My opinion for what it is worth my friend
Warmest wishes
Brian King


----------



## JadecloudAlchemist (Mar 17, 2009)

Brian your point is well taken and does give thought Thank you.


----------



## Bob Hubbard (Mar 17, 2009)

How deep are your pockets? Mine aren't that deep.  When one starts pointing fingers and saying "scammer, fraud, liar" etc, those targeted rarely email me and say "Hey bob, this is a problem.". No, they say "Im gonna sue your ***".

I've received about 20 of these threats of legal action over the years.
Most were from pretty much certified frauds. 
A few (2-3) were from boat rockers, and competitors trying to smear their name. 
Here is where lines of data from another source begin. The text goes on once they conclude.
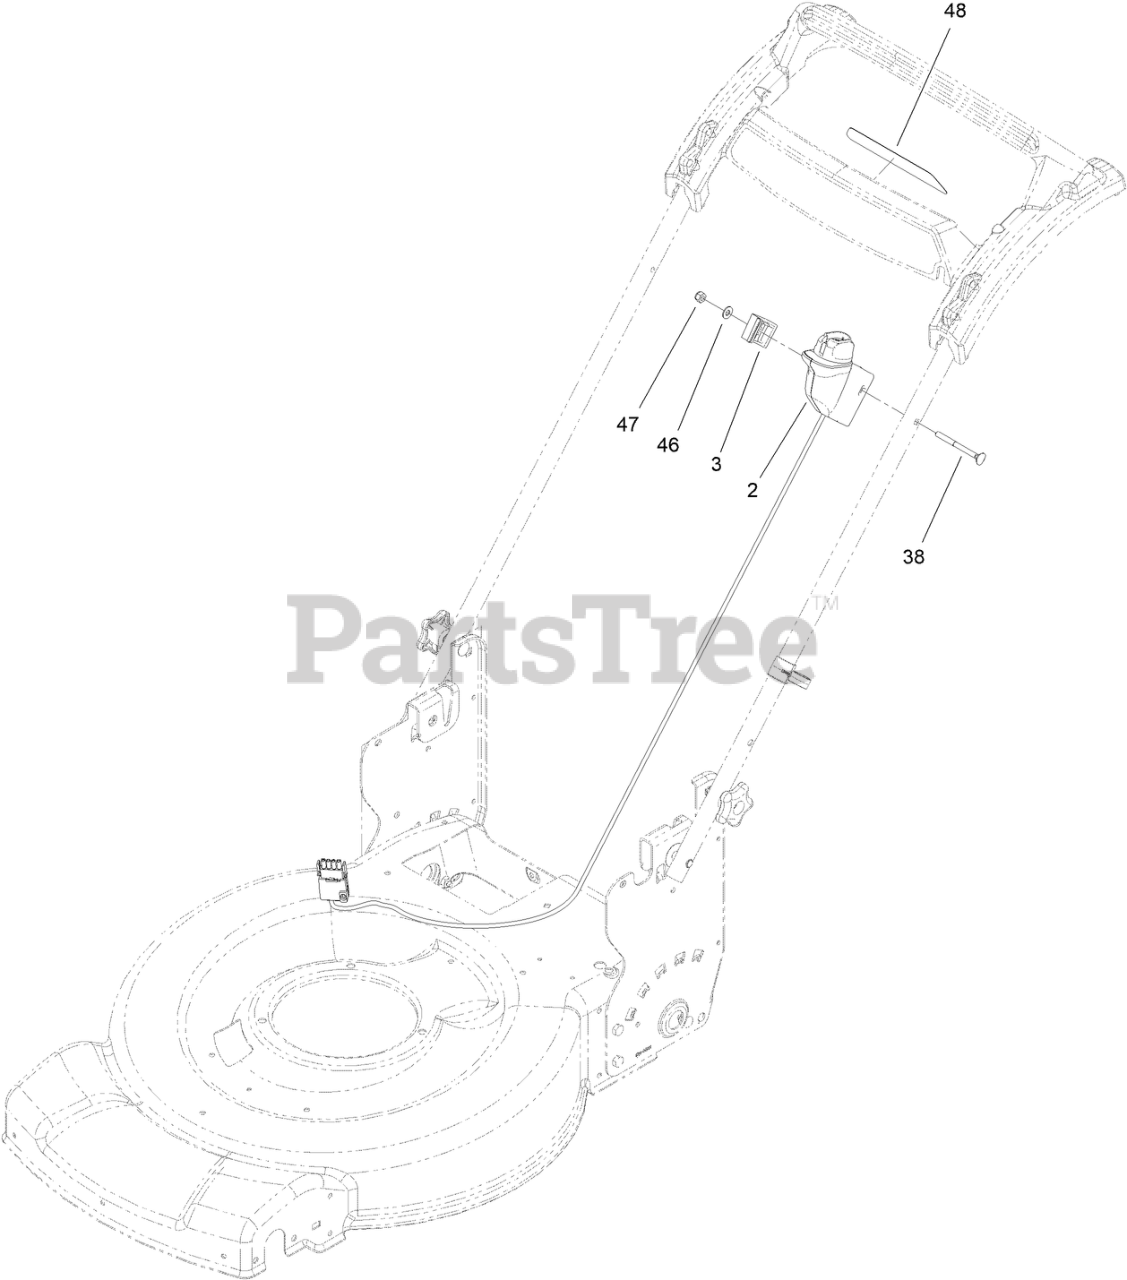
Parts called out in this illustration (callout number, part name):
2	SWITCH-STARTER ASM
3	CLAMP-CABLE
38	SCREW-HANDLE
46	WASHER-FLAT
47	NUT-LOCK, NI
48	DECAL-CONTROLS (60V, START)
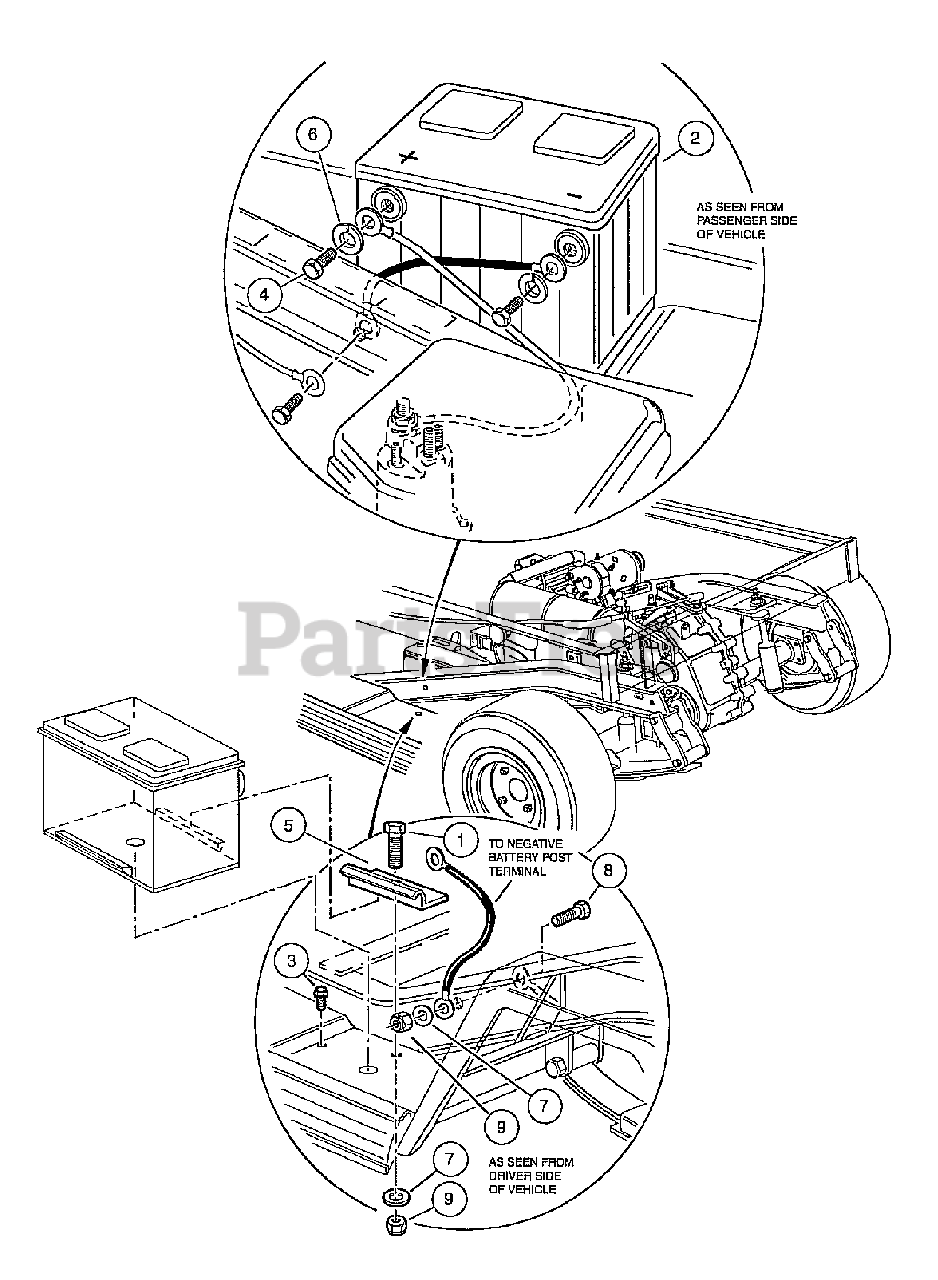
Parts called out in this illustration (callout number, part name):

We've got no problems with people asking questions, it's where they disrupt the site, and put us at legal risk that's a problem.

"It's not libel if it's true", is true, but that has to be proven in a court of law, costs thousands of dollars, and risks the entire site's existence, plus my main business. With few exceptions, I don't honestly care enough to risk that, especially when there are other sites better suited for consumer protection such as Consumerist, scam.com, and complaints.com.

Also, in the event that the subject of ire does sue us, and does get a properly executed court order for your information, we've got no choice but to comply. In an extreme case, they may skip that step and just take the whole server. That would be bad.

We offer free registration. Anyone can register and post a rebuttal, something we encourage them to do. We rarely pull discussions, but we don't obligate anyone to reply to anyone. 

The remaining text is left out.